- _Required action_: All lines in the data that hold the word "other" need copying.

[[ Dataset extract open ]]

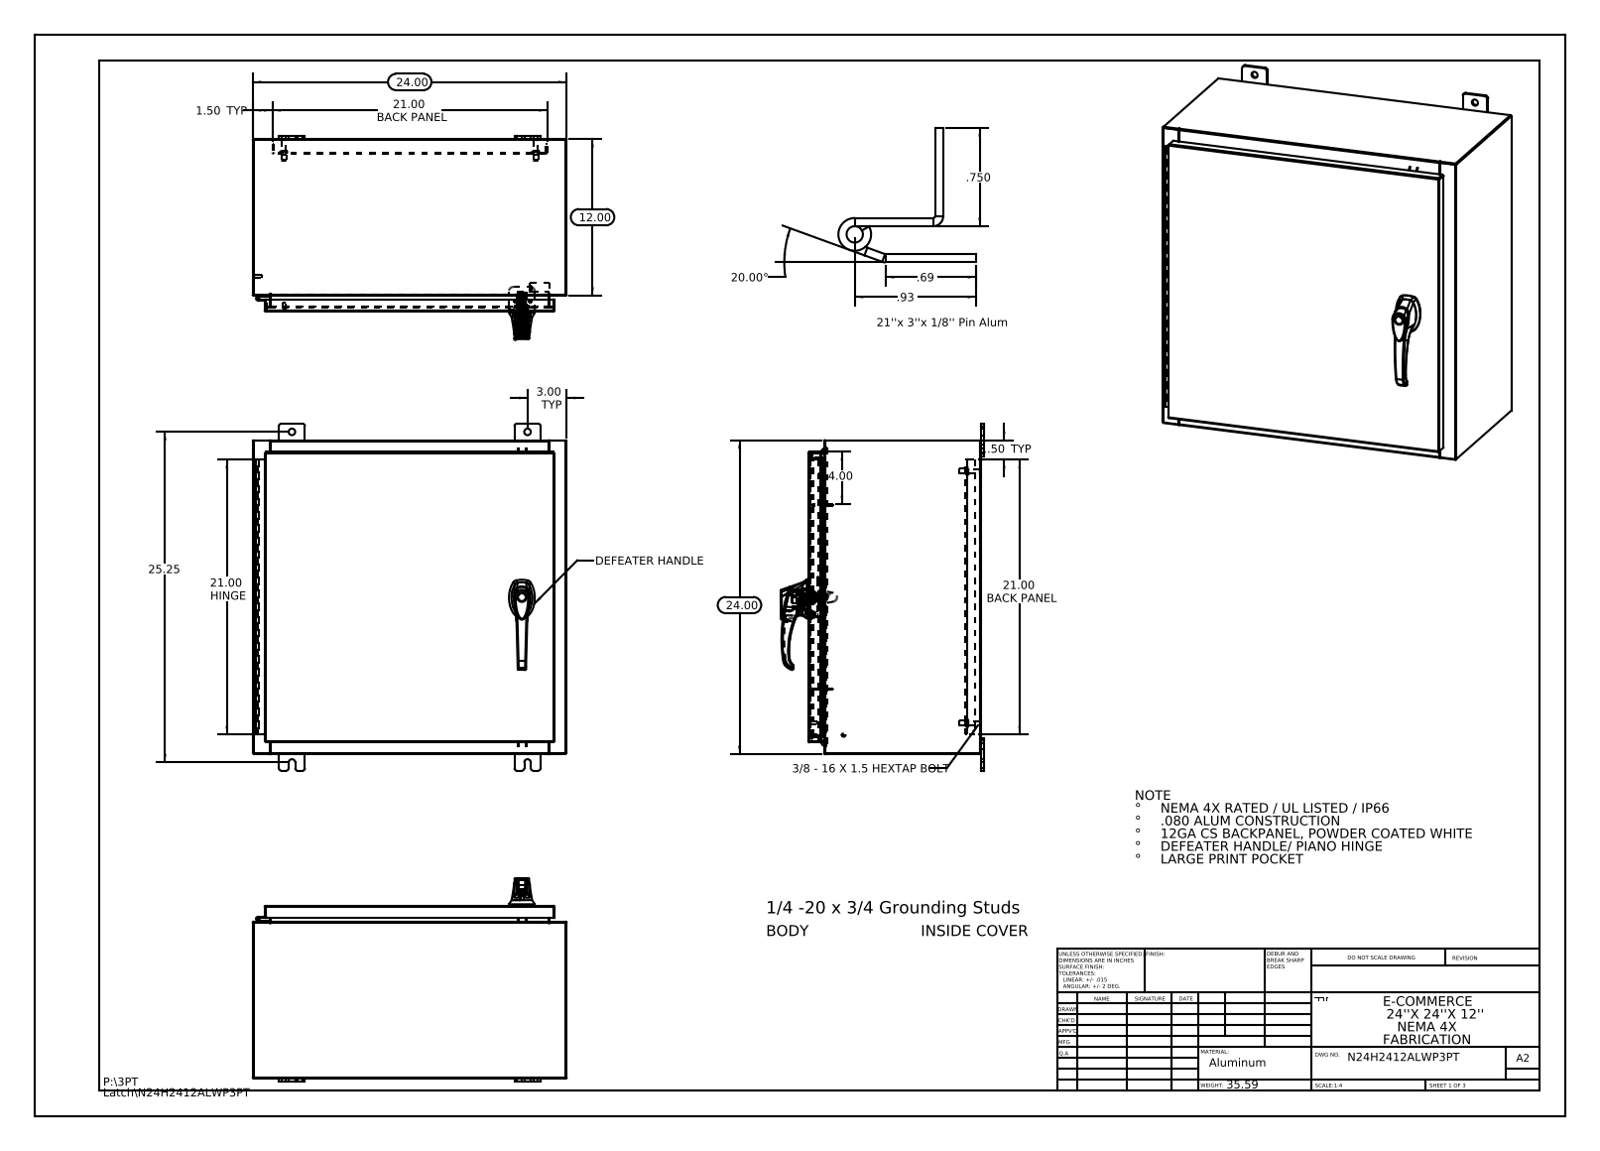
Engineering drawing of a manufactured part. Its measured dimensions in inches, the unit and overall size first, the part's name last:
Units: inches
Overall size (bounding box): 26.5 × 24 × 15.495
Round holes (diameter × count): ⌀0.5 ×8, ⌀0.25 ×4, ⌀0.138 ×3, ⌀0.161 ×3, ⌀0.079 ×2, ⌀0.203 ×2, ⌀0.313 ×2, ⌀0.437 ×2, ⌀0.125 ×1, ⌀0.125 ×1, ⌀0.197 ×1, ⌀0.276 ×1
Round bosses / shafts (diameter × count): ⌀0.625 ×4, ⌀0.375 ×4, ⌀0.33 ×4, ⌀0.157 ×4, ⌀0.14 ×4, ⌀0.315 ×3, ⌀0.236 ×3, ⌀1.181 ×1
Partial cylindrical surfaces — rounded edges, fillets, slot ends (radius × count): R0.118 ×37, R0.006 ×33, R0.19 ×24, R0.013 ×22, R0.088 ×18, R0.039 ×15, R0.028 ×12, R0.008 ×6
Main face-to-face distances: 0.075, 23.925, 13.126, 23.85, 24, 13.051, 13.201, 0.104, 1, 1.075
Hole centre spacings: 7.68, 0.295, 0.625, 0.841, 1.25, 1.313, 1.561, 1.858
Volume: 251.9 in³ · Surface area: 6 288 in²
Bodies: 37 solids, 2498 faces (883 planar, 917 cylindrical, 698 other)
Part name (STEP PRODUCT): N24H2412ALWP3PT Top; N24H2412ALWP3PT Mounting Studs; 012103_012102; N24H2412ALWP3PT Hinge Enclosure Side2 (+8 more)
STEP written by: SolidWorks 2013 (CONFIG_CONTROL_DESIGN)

[[ Dataset extract closed ]]
[[ Dataset extract open ]]

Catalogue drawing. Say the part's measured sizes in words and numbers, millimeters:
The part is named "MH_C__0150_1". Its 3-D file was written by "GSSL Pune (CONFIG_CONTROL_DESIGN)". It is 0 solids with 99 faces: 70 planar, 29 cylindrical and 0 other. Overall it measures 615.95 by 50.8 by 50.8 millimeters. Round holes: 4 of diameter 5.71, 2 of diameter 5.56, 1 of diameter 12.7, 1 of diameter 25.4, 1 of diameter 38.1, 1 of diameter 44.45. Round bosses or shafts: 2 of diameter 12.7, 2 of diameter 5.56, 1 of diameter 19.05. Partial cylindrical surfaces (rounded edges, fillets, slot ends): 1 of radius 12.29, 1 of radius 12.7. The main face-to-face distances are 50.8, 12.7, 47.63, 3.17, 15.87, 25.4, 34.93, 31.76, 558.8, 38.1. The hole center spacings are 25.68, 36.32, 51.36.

[[ Dataset extract closed ]]

- _Task response_:
Bodies: 37 solids, 2498 faces (883 planar, 917 cylindrical, 698 other)
The part is named "MH_C__0150_1". Its 3-D file was written by "GSSL Pune (CONFIG_CONTROL_DESIGN)". It is 0 solids with 99 faces: 70 planar, 29 cylindrical and 0 other. Overall it measures 615.95 by 50.8 by 50.8 millimeters. Round holes: 4 of diameter 5.71, 2 of diameter 5.56, 1 of diameter 12.7, 1 of diameter 25.4, 1 of diameter 38.1, 1 of diameter 44.45. Round bosses or shafts: 2 of diameter 12.7, 2 of diameter 5.56, 1 of diameter 19.05. Partial cylindrical surfaces (rounded edges, fillets, slot ends): 1 of radius 12.29, 1 of radius 12.7. The main face-to-face distances are 50.8, 12.7, 47.63, 3.17, 15.87, 25.4, 34.93, 31.76, 558.8, 38.1. The hole center spacings are 25.68, 36.32, 51.36.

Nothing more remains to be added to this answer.